The protective element 84e extends, at least substantially perpendicularly to the central axis 96e of the backing element 22e and/or of the protective element 84e, at least substantially entirely over a maximum extent 106e of the backing element 22e (see also FIG. 8). The protective element 84e surrounds the backing element 22e at least substantially entirely, in particular when the protective unit 80e is in as assembled state, as viewed along the central axis 96e of the backing element 22e and/or of the protective element 84e. The protective element 84e, in particular when the protective unit 80e is in an assembled state and/or is arranged on the backing element 22e, extends at least mainly, in particular at least substantially entirely, along an, in particular upper, outer edge 102e of the backing element 22e, the protective element 84e in particular bearing against the outer edge 102e and the outer face 114 of the backing element 22e. In particular in the alternative design in which the protective unit 80e comprises more than one protective element 84e, the protective elements 84e each bear against the outer edge 102e of the backing element 22e and are in particular arranged at a distance from each another. It is also conceivable, however, for the protective elements 84e to be arranged against and/or connected to each other for arrangement on and/or fastening to the backing element 22e.

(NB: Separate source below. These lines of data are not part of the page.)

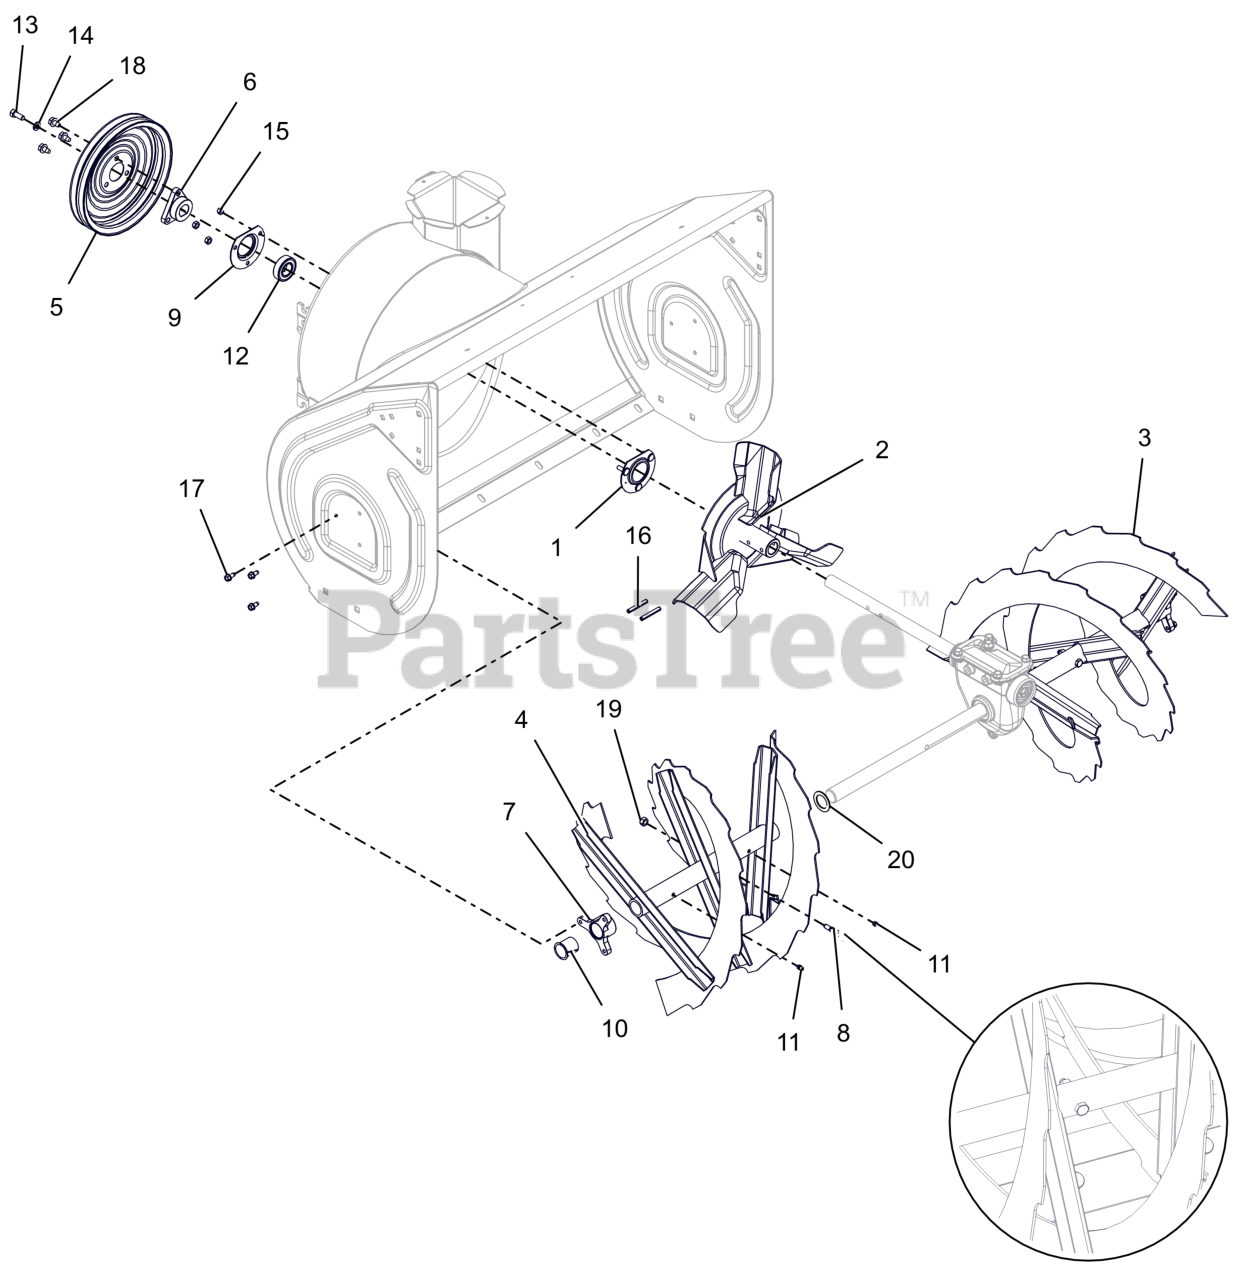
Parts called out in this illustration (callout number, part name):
1	BEARING FLANGE
2	IMPELLER, 3 BLADE-14"
3	RAKE, LH-32"(1 ID X 15.75 OD)
4	RAKE, RH-32"(1 ID X 15.75 OD)
5	PULLEY, SPIN FORM DUAL GROOVE
6	PULLEY HUB, D-BORE .87 PRO
7	BUSHING, RAKE SHAFT 1"
8	SHEAR BOLT SERVICE ASSEMBLY
9	BEARING FLANGE
10	BSHG-FLG SPLIT NYLINER 1.0" HP
11	ZERK,FITTING .25X.125 DRIVE IN
12	BRG-BALL .876X1.75X.50 RSTFP
13	BLT, HEX .31-24X.750 G5 ZCC
14	WSHR, LK-HVY .312X.097 ZCC
15	NUT,LK-CTR .25-20 GA ZCC
16	PIN-ROLL .250X1.75
17	SCR-TAP .25-20X.50 HWH ZCC
18	SCR,TAP .312-18X.50 HWH TR ZCC
19	NUT,LK-CTR .31-18 GA ZCC
20	WSHR, FLT 1.010X1.505X.062 ZCC

FIG. 8 shows a perspective view of the backing element 22e and of the protective element 84e, the protective element 84e being in particular arranged on the backing element 22e. The backing element 22e realizes three holding means 108e, which are designed for holding the protective element 84e of the protective unit 80e on the backing element 22e in a force-fitting and/or form-fitting manner. However, designs of the backing element 22e with a number of holding means 108e other than three are also conceivable. The backing element 22e and the holding means 108e are realized as a single part. The holding means 108e are realized as recesses. In particular, the protective element 84e is realized so as to correspond to the backing element 22e and the holding means 108e, and is designed to be connected to the backing element 22e in a force-fitting and/or form-fitting manner, in particular via the holding means 108e.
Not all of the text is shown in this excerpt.